# VMF 250 Gig SSD



## RCuber (Aug 30, 2014)

*VFM 250 Gig SSD*

Hello, 
I am looking for a good SSD for under 10K , Samsung 250GB 840 EVO looks like a ideal choice, but I want to know what other alternatives are available for this range.


----------



## harshilsharma63 (Aug 30, 2014)

Try finding Samsung 850 series. It's much more robust, faster adn comes with 10 years warranty. it also has much higher write counts.


----------



## SunE (Aug 31, 2014)

The best VFM right now is the Crucial MX100 @ 7.5k. But since you got a ood budget Samsung EVO is definitely a great product. I use it myself.


----------



## RCuber (Aug 31, 2014)

SunE said:


> The best VFM right now is the Crucial MX100 @ 7.5k. But since you got a ood budget Samsung EVO is definitely a great product. I use it myself.



How much performance difference can I see between the two products?


----------



## seamon (Aug 31, 2014)

RCuber said:


> How much performance difference can I see between the two products?



Performance should not really be a concern when shopping for SSDs.

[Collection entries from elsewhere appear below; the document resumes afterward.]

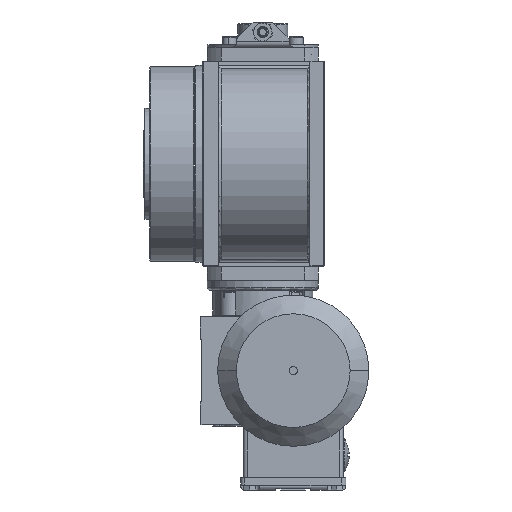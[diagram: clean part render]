
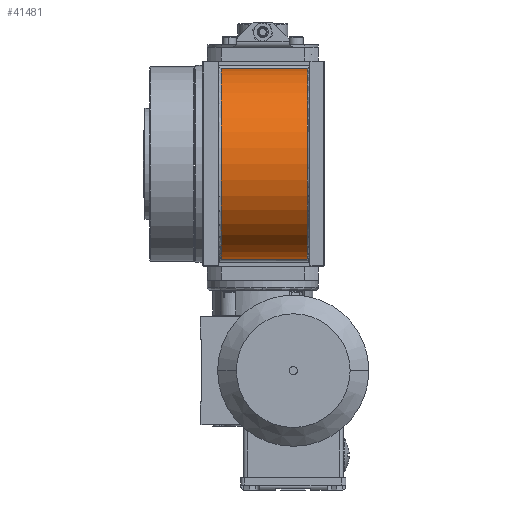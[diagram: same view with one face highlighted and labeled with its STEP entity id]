
A CAD part, left-side view. The second image highlights one B-rep face of the part: STEP entity #41481.
In plain terms, the highlighted cylindrical face has radius 69 mm (diameter 138 mm), a partial arc.
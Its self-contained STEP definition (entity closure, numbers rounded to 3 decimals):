
#4002 = VERTEX_POINT ( 'NONE', #25450 ) ;
#4675 = EDGE_CURVE ( 'NONE', #27906, #5433, #29287, .T. ) ;
#5433 = VERTEX_POINT ( 'NONE', #22203 ) ;
#7039 = DIRECTION ( 'NONE',  ( 0., 1., 0. ) ) ;
#7801 = EDGE_CURVE ( 'NONE', #5433, #21948, #58895, .T. ) ;
#12258 = VECTOR ( 'NONE', #33724, 1000. ) ;
#17611 = CARTESIAN_POINT ( 'NONE',  ( -42.511, -53.238, -28.281 ) ) ;
#18843 = CYLINDRICAL_SURFACE ( 'NONE', #22242, 69. ) ;
#20007 = FACE_OUTER_BOUND ( 'NONE', #52247, .T. ) ;
#21948 = VERTEX_POINT ( 'NONE', #57383 ) ;
#22203 = CARTESIAN_POINT ( 'NONE',  ( -42.511, -53.238, 109.5 ) ) ;
#22242 = AXIS2_PLACEMENT_3D ( 'NONE', #43747, #66683, #48995 ) ;
#25450 = CARTESIAN_POINT ( 'NONE',  ( -42.511, 8.762, -28.281 ) ) ;
#25632 = CARTESIAN_POINT ( 'NONE',  ( -38.624, -53.238, 40.609 ) ) ;
#27906 = VERTEX_POINT ( 'NONE', #17611 ) ;
#29287 = CIRCLE ( 'NONE', #71461, 69. ) ;
#29334 = CARTESIAN_POINT ( 'NONE',  ( -38.624, 8.762, 40.609 ) ) ;
#33724 = DIRECTION ( 'NONE',  ( 0., -1., 0. ) ) ;
#34073 = LINE ( 'NONE', #62333, #12258 ) ;
#34587 = ORIENTED_EDGE ( 'NONE', *, *, #49476, .T. ) ;
#41481 = ADVANCED_FACE ( 'NONE', ( #20007 ), #18843, .T. ) ;
#43747 = CARTESIAN_POINT ( 'NONE',  ( -38.624, 10.762, 40.609 ) ) ;
#44453 = DIRECTION ( 'NONE',  ( 0., 1., 0. ) ) ;
#48001 = EDGE_CURVE ( 'NONE', #4002, #27906, #34073, .T. ) ;
#48572 = DIRECTION ( 'NONE',  ( 0., 0., 1. ) ) ;
#48995 = DIRECTION ( 'NONE',  ( 0., 0., -1. ) ) ;
#49476 = EDGE_CURVE ( 'NONE', #21948, #4002, #60442, .T. ) ;
#51573 = VECTOR ( 'NONE', #7039, 1000. ) ;
#52247 = EDGE_LOOP ( 'NONE', ( #64025, #66473, #34587, #54118 ) ) ;
#52725 = DIRECTION ( 'NONE',  ( 0., -1., 0. ) ) ;
#54118 = ORIENTED_EDGE ( 'NONE', *, *, #48001, .T. ) ;
#55645 = AXIS2_PLACEMENT_3D ( 'NONE', #29334, #52725, #69698 ) ;
#57383 = CARTESIAN_POINT ( 'NONE',  ( -42.511, 8.762, 109.5 ) ) ;
#58895 = LINE ( 'NONE', #65306, #51573 ) ;
#60442 = CIRCLE ( 'NONE', #55645, 69. ) ;
#62333 = CARTESIAN_POINT ( 'NONE',  ( -42.511, 10.762, -28.281 ) ) ;
#64025 = ORIENTED_EDGE ( 'NONE', *, *, #4675, .T. ) ;
#65306 = CARTESIAN_POINT ( 'NONE',  ( -42.511, 10.762, 109.5 ) ) ;
#66473 = ORIENTED_EDGE ( 'NONE', *, *, #7801, .T. ) ;
#66683 = DIRECTION ( 'NONE',  ( 0., -1., 0. ) ) ;
#69698 = DIRECTION ( 'NONE',  ( 0., 0., 1. ) ) ;
#71461 = AXIS2_PLACEMENT_3D ( 'NONE', #25632, #44453, #48572 ) ;

This is because all SSDs are fast. In real world usage, all SSDs are the same. You will only see a difference when you use synthetic benchmarking tools. 
The things to consider:
1.VFM.
2.Endurance.
3.Buy only from:Intel, Samsung, Plextor and Crucial. Ignore other brands. The cheapest SSD from one of these brands will never fail you.


----------



## RCuber (Aug 31, 2014)

Bought Samsung 250 GB EVO 840 

@Mods: Please close the thread.


----------



## SunE (Aug 31, 2014)

Congrats it's a great product


----------